* EXERCISE PROMPT
From the data below, return the exact lines starting at the line containing "#232=CARTESIAN_POINT('',(0.,-20.,-25.35));" and ending at the line containing "#239=DIRECTION('',(-1.,0.,0.));", both included, and nothing else.
═══ PROVIDED DATA ═══
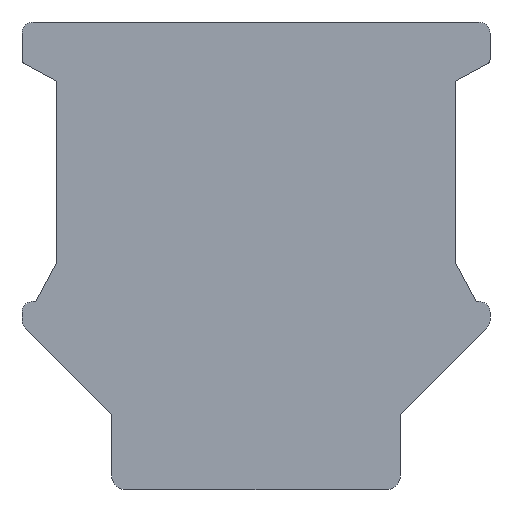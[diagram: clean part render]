
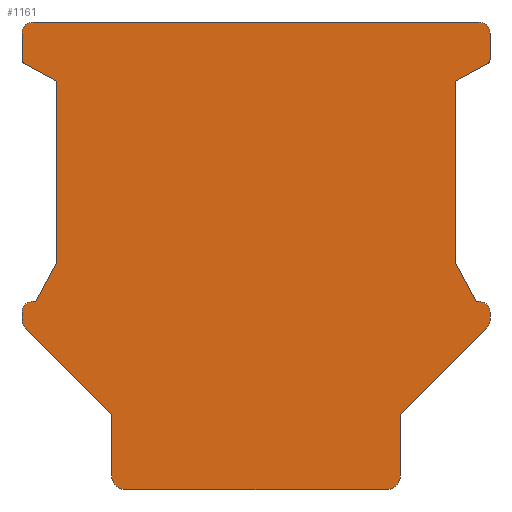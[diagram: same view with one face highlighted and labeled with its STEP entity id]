
A CAD part, left-side view. The second image highlights one B-rep face of the part: STEP entity #1161.
In plain terms, the highlighted planar face has unit normal (-1, 0, 0).
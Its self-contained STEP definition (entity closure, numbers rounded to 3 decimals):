
#199=CARTESIAN_POINT('',(0.,20.25,-1.));
#200=DIRECTION('',(-1.,0.,0.));
#201=DIRECTION('',(0.,0.,1.));
#202=AXIS2_PLACEMENT_3D('',#199,#200,#201);
#204=DIRECTION('',(0.,1.,0.));
#205=VECTOR('',#204,40.5);
#206=CARTESIAN_POINT('',(0.,-20.25,0.));
#207=LINE('',#206,#205);
#208=CARTESIAN_POINT('',(0.,-20.25,-1.));
#209=DIRECTION('',(-1.,0.,0.));
#210=DIRECTION('',(0.,-1.,0.));
#211=AXIS2_PLACEMENT_3D('',#208,#209,#210);
#213=DIRECTION('',(0.,0.,1.));
#214=VECTOR('',#213,2.402);
#215=CARTESIAN_POINT('',(0.,-21.25,-3.402));
#216=LINE('',#215,#214);
#217=CARTESIAN_POINT('',(0.,-20.85,-3.402));
#218=DIRECTION('',(-1.,0.,0.));
#219=DIRECTION('',(0.,-0.477,-0.879));
#220=AXIS2_PLACEMENT_3D('',#217,#218,#219);
#222=DIRECTION('',(0.,-0.879,0.477));
#223=VECTOR('',#222,3.346);
#224=CARTESIAN_POINT('',(0.,-18.1,-5.35));
#225=LINE('',#224,#223);
#226=DIRECTION('',(0.,0.,1.));
#227=VECTOR('',#226,16.45);
#228=CARTESIAN_POINT('',(0.,-18.1,-21.8));
#229=LINE('',#228,#227);
#230=DIRECTION('',(0.,0.472,0.882));
#231=VECTOR('',#230,4.026);
#232=CARTESIAN_POINT('',(0.,-20.,-25.35));
#233=LINE('',#232,#231);
#234=DIRECTION('',(0.,1.,0.));
#235=VECTOR('',#234,0.25);
#236=CARTESIAN_POINT('',(0.,-20.25,-25.35));
#237=LINE('',#236,#235);
#238=CARTESIAN_POINT('',(0.,-20.25,-26.35));
#239=DIRECTION('',(-1.,0.,0.));
#240=DIRECTION('',(0.,-1.,0.));
#241=AXIS2_PLACEMENT_3D('',#238,#239,#240);
#243=DIRECTION('',(0.,0.,1.));
#244=VECTOR('',#243,0.716);
#245=CARTESIAN_POINT('',(0.,-21.25,-27.066));
#246=LINE('',#245,#244);
#247=CARTESIAN_POINT('',(0.,-20.25,-27.066));
#248=DIRECTION('',(-1.,0.,0.));
#249=DIRECTION('',(0.,-0.707,-0.707));
#250=AXIS2_PLACEMENT_3D('',#247,#248,#249);
#252=DIRECTION('',(0.,-0.707,0.707));
#253=VECTOR('',#252,11.112);
#254=CARTESIAN_POINT('',(0.,-13.1,-35.63));
#255=LINE('',#254,#253);
#256=DIRECTION('',(0.,0.,1.));
#257=VECTOR('',#256,5.57);
#258=CARTESIAN_POINT('',(0.,-13.1,-41.2));
#259=LINE('',#258,#257);
#260=CARTESIAN_POINT('',(0.,-11.85,-41.2));
#261=DIRECTION('',(-1.,0.,0.));
#262=DIRECTION('',(0.,0.,-1.));
#263=AXIS2_PLACEMENT_3D('',#260,#261,#262);
#265=DIRECTION('',(0.,-1.,0.));
#266=VECTOR('',#265,23.7);
#267=CARTESIAN_POINT('',(0.,11.85,-42.45));
#268=LINE('',#267,#266);
#269=CARTESIAN_POINT('',(0.,11.85,-41.2));
#270=DIRECTION('',(-1.,0.,0.));
#271=DIRECTION('',(0.,1.,0.));
#272=AXIS2_PLACEMENT_3D('',#269,#270,#271);
#274=DIRECTION('',(0.,0.,-1.));
#275=VECTOR('',#274,5.57);
#276=CARTESIAN_POINT('',(0.,13.1,-35.63));
#277=LINE('',#276,#275);
#278=DIRECTION('',(0.,-0.707,-0.707));
#279=VECTOR('',#278,11.112);
#280=CARTESIAN_POINT('',(0.,20.957,-27.773));
#281=LINE('',#280,#279);
#282=CARTESIAN_POINT('',(0.,20.25,-27.066));
#283=DIRECTION('',(-1.,0.,0.));
#284=DIRECTION('',(0.,1.,0.));
#285=AXIS2_PLACEMENT_3D('',#282,#283,#284);
#287=DIRECTION('',(0.,0.,-1.));
#288=VECTOR('',#287,0.716);
#289=CARTESIAN_POINT('',(0.,21.25,-26.35));
#290=LINE('',#289,#288);
#291=CARTESIAN_POINT('',(0.,20.25,-26.35));
#292=DIRECTION('',(-1.,0.,0.));
#293=DIRECTION('',(0.,0.,1.));
#294=AXIS2_PLACEMENT_3D('',#291,#292,#293);
#296=DIRECTION('',(0.,1.,0.));
#297=VECTOR('',#296,0.25);
#298=CARTESIAN_POINT('',(0.,20.,-25.35));
#299=LINE('',#298,#297);
#300=DIRECTION('',(0.,0.472,-0.882));
#301=VECTOR('',#300,4.026);
#302=CARTESIAN_POINT('',(0.,18.1,-21.8));
#303=LINE('',#302,#301);
#304=DIRECTION('',(0.,0.,-1.));
#305=VECTOR('',#304,16.45);
#306=CARTESIAN_POINT('',(0.,18.1,-5.35));
#307=LINE('',#306,#305);
#308=DIRECTION('',(0.,-0.879,-0.477));
#309=VECTOR('',#308,3.346);
#310=CARTESIAN_POINT('',(0.,21.041,-3.754));
#311=LINE('',#310,#309);
#312=CARTESIAN_POINT('',(0.,20.85,-3.402));
#313=DIRECTION('',(-1.,0.,0.));
#314=DIRECTION('',(0.,1.,0.));
#315=AXIS2_PLACEMENT_3D('',#312,#313,#314);
#317=DIRECTION('',(0.,0.,-1.));
#318=VECTOR('',#317,2.402);
#319=CARTESIAN_POINT('',(0.,21.25,-1.));
#320=LINE('',#319,#318);
#781=CARTESIAN_POINT('',(0.,-21.041,-3.754));
#782=CARTESIAN_POINT('',(0.,-21.25,-3.402));
#783=VERTEX_POINT('',#781);
#784=VERTEX_POINT('',#782);
#805=CARTESIAN_POINT('',(0.,-21.25,-27.066));
#806=CARTESIAN_POINT('',(0.,-21.25,-26.35));
#807=VERTEX_POINT('',#805);
#808=VERTEX_POINT('',#806);
#821=CARTESIAN_POINT('',(0.,21.25,-26.35));
#822=VERTEX_POINT('',#821);
#833=CARTESIAN_POINT('',(0.,-20.25,-25.35));
#834=VERTEX_POINT('',#833);
#835=CARTESIAN_POINT('',(0.,21.25,-3.402));
#836=VERTEX_POINT('',#835);
#837=CARTESIAN_POINT('',(0.,21.041,-3.754));
#838=VERTEX_POINT('',#837);
#843=CARTESIAN_POINT('',(0.,20.25,-25.35));
#845=VERTEX_POINT('',#843);
#851=CARTESIAN_POINT('',(0.,20.,-25.35));
#852=VERTEX_POINT('',#851);
#853=CARTESIAN_POINT('',(0.,-20.,-25.35));
#854=VERTEX_POINT('',#853);
#865=CARTESIAN_POINT('',(0.,21.25,-27.066));
#866=VERTEX_POINT('',#865);
#867=CARTESIAN_POINT('',(0.,-21.25,-1.));
#868=CARTESIAN_POINT('',(0.,-20.25,0.));
#869=VERTEX_POINT('',#867);
#870=VERTEX_POINT('',#868);
#879=CARTESIAN_POINT('',(0.,-18.1,-21.8));
#880=VERTEX_POINT('',#879);
#881=CARTESIAN_POINT('',(0.,20.957,-27.773));
#882=VERTEX_POINT('',#881);
#883=CARTESIAN_POINT('',(0.,13.1,-35.63));
#884=VERTEX_POINT('',#883);
#885=CARTESIAN_POINT('',(0.,-11.85,-42.45));
#886=VERTEX_POINT('',#885);
#887=CARTESIAN_POINT('',(0.,13.1,-41.2));
#888=CARTESIAN_POINT('',(0.,11.85,-42.45));
#889=VERTEX_POINT('',#887);
#890=VERTEX_POINT('',#888);
#891=CARTESIAN_POINT('',(0.,-18.1,-5.35));
#892=VERTEX_POINT('',#891);
#893=CARTESIAN_POINT('',(0.,-13.1,-35.63));
#894=VERTEX_POINT('',#893);
#895=CARTESIAN_POINT('',(0.,-20.957,-27.773));
#896=VERTEX_POINT('',#895);
#897=CARTESIAN_POINT('',(0.,18.1,-5.35));
#898=CARTESIAN_POINT('',(0.,18.1,-21.8));
#899=VERTEX_POINT('',#897);
#900=VERTEX_POINT('',#898);
#901=CARTESIAN_POINT('',(0.,-13.1,-41.2));
#902=VERTEX_POINT('',#901);
#917=CARTESIAN_POINT('',(0.,20.25,0.));
#918=VERTEX_POINT('',#917);
#919=CARTESIAN_POINT('',(0.,21.25,-1.));
#920=VERTEX_POINT('',#919);
#1100=CARTESIAN_POINT('',(0.,0.,0.));
#1101=DIRECTION('',(1.,0.,0.));
#1102=DIRECTION('',(0.,0.,-1.));
#1103=AXIS2_PLACEMENT_3D('',#1100,#1101,#1102);
#1104=PLANE('',#1103);
#1106=ORIENTED_EDGE('',*,*,#1105,.F.);
#1108=ORIENTED_EDGE('',*,*,#1107,.F.);
#1110=ORIENTED_EDGE('',*,*,#1109,.F.);
#1112=ORIENTED_EDGE('',*,*,#1111,.F.);
#1114=ORIENTED_EDGE('',*,*,#1113,.F.);
#1116=ORIENTED_EDGE('',*,*,#1115,.F.);
#1118=ORIENTED_EDGE('',*,*,#1117,.F.);
#1120=ORIENTED_EDGE('',*,*,#1119,.F.);
#1122=ORIENTED_EDGE('',*,*,#1121,.F.);
#1124=ORIENTED_EDGE('',*,*,#1123,.F.);
#1126=ORIENTED_EDGE('',*,*,#1125,.F.);
#1128=ORIENTED_EDGE('',*,*,#1127,.F.);
#1130=ORIENTED_EDGE('',*,*,#1129,.F.);
#1131=ORIENTED_EDGE('',*,*,#1091,.F.);
#1132=ORIENTED_EDGE('',*,*,#1081,.F.);
#1134=ORIENTED_EDGE('',*,*,#1133,.F.);
#1136=ORIENTED_EDGE('',*,*,#1135,.F.);
#1138=ORIENTED_EDGE('',*,*,#1137,.F.);
#1140=ORIENTED_EDGE('',*,*,#1139,.F.);
#1142=ORIENTED_EDGE('',*,*,#1141,.F.);
#1144=ORIENTED_EDGE('',*,*,#1143,.F.);
#1146=ORIENTED_EDGE('',*,*,#1145,.F.);
#1148=ORIENTED_EDGE('',*,*,#1147,.F.);
#1150=ORIENTED_EDGE('',*,*,#1149,.F.);
#1152=ORIENTED_EDGE('',*,*,#1151,.F.);
#1154=ORIENTED_EDGE('',*,*,#1153,.F.);
#1156=ORIENTED_EDGE('',*,*,#1155,.F.);
#1158=ORIENTED_EDGE('',*,*,#1157,.F.);
#1159=EDGE_LOOP('',(#1106,#1108,#1110,#1112,#1114,#1116,#1118,#1120,#1122,#1124,
#1126,#1128,#1130,#1131,#1132,#1134,#1136,#1138,#1140,#1142,#1144,#1146,#1148,
#1150,#1152,#1154,#1156,#1158));
#1160=FACE_OUTER_BOUND('',#1159,.F.);
#1161=ADVANCED_FACE('',(#1160),#1104,.F.);
#203=CIRCLE('',#202,1.);
#212=CIRCLE('',#211,1.);
#221=CIRCLE('',#220,0.4);
#242=CIRCLE('',#241,1.);
#251=CIRCLE('',#250,1.);
#264=CIRCLE('',#263,1.25);
#273=CIRCLE('',#272,1.25);
#286=CIRCLE('',#285,1.);
#295=CIRCLE('',#294,1.);
#316=CIRCLE('',#315,0.4);
#1081=EDGE_CURVE('',#886,#902,#264,.T.);
#1091=EDGE_CURVE('',#902,#894,#259,.T.);
#1105=EDGE_CURVE('',#918,#920,#203,.T.);
#1107=EDGE_CURVE('',#870,#918,#207,.T.);
#1109=EDGE_CURVE('',#869,#870,#212,.T.);
#1111=EDGE_CURVE('',#784,#869,#216,.T.);
#1113=EDGE_CURVE('',#783,#784,#221,.T.);
#1115=EDGE_CURVE('',#892,#783,#225,.T.);
#1117=EDGE_CURVE('',#880,#892,#229,.T.);
#1119=EDGE_CURVE('',#854,#880,#233,.T.);
#1121=EDGE_CURVE('',#834,#854,#237,.T.);
#1123=EDGE_CURVE('',#808,#834,#242,.T.);
#1125=EDGE_CURVE('',#807,#808,#246,.T.);
#1127=EDGE_CURVE('',#896,#807,#251,.T.);
#1129=EDGE_CURVE('',#894,#896,#255,.T.);
#1133=EDGE_CURVE('',#890,#886,#268,.T.);
#1135=EDGE_CURVE('',#889,#890,#273,.T.);
#1137=EDGE_CURVE('',#884,#889,#277,.T.);
#1139=EDGE_CURVE('',#882,#884,#281,.T.);
#1141=EDGE_CURVE('',#866,#882,#286,.T.);
#1143=EDGE_CURVE('',#822,#866,#290,.T.);
#1145=EDGE_CURVE('',#845,#822,#295,.T.);
#1147=EDGE_CURVE('',#852,#845,#299,.T.);
#1149=EDGE_CURVE('',#900,#852,#303,.T.);
#1151=EDGE_CURVE('',#899,#900,#307,.T.);
#1153=EDGE_CURVE('',#838,#899,#311,.T.);
#1155=EDGE_CURVE('',#836,#838,#316,.T.);
#1157=EDGE_CURVE('',#920,#836,#320,.T.);
═══
* RESULT FOR THIS EXERCISE
#232=CARTESIAN_POINT('',(0.,-20.,-25.35));
#233=LINE('',#232,#231);
#234=DIRECTION('',(0.,1.,0.));
#235=VECTOR('',#234,0.25);
#236=CARTESIAN_POINT('',(0.,-20.25,-25.35));
#237=LINE('',#236,#235);
#238=CARTESIAN_POINT('',(0.,-20.25,-26.35));
#239=DIRECTION('',(-1.,0.,0.));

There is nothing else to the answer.